> Assigned task:
Tally the lines in the data that follows that include the word "placement", and report nothing but the total.
-- Data for this task follows --
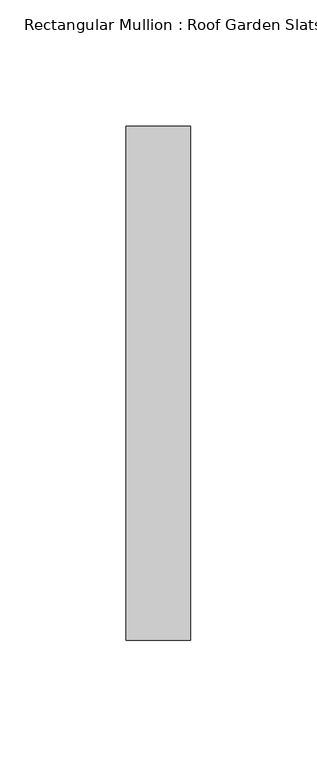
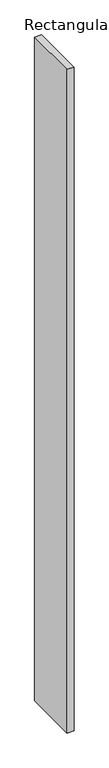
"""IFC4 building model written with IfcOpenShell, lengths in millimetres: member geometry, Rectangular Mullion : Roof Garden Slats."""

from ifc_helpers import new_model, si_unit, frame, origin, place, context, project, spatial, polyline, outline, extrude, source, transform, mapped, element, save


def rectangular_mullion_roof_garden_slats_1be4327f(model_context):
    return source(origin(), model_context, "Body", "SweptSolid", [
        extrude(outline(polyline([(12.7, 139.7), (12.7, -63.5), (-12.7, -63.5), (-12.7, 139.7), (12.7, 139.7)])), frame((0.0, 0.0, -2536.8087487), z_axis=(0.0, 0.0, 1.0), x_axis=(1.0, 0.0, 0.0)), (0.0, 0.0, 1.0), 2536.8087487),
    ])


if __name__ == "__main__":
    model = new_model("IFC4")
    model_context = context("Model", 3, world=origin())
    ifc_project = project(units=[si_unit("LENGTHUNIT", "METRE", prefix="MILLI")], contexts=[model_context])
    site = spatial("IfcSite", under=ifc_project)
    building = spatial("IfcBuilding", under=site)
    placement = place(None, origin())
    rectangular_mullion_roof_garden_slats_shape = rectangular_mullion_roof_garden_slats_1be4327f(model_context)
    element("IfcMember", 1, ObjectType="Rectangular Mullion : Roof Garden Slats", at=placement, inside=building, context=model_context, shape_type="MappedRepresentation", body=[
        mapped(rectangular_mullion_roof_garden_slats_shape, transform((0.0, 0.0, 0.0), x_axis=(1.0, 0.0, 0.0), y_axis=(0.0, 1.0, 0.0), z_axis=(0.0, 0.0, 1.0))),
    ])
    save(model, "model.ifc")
-- Data for this task concluded --
> Written reply:
2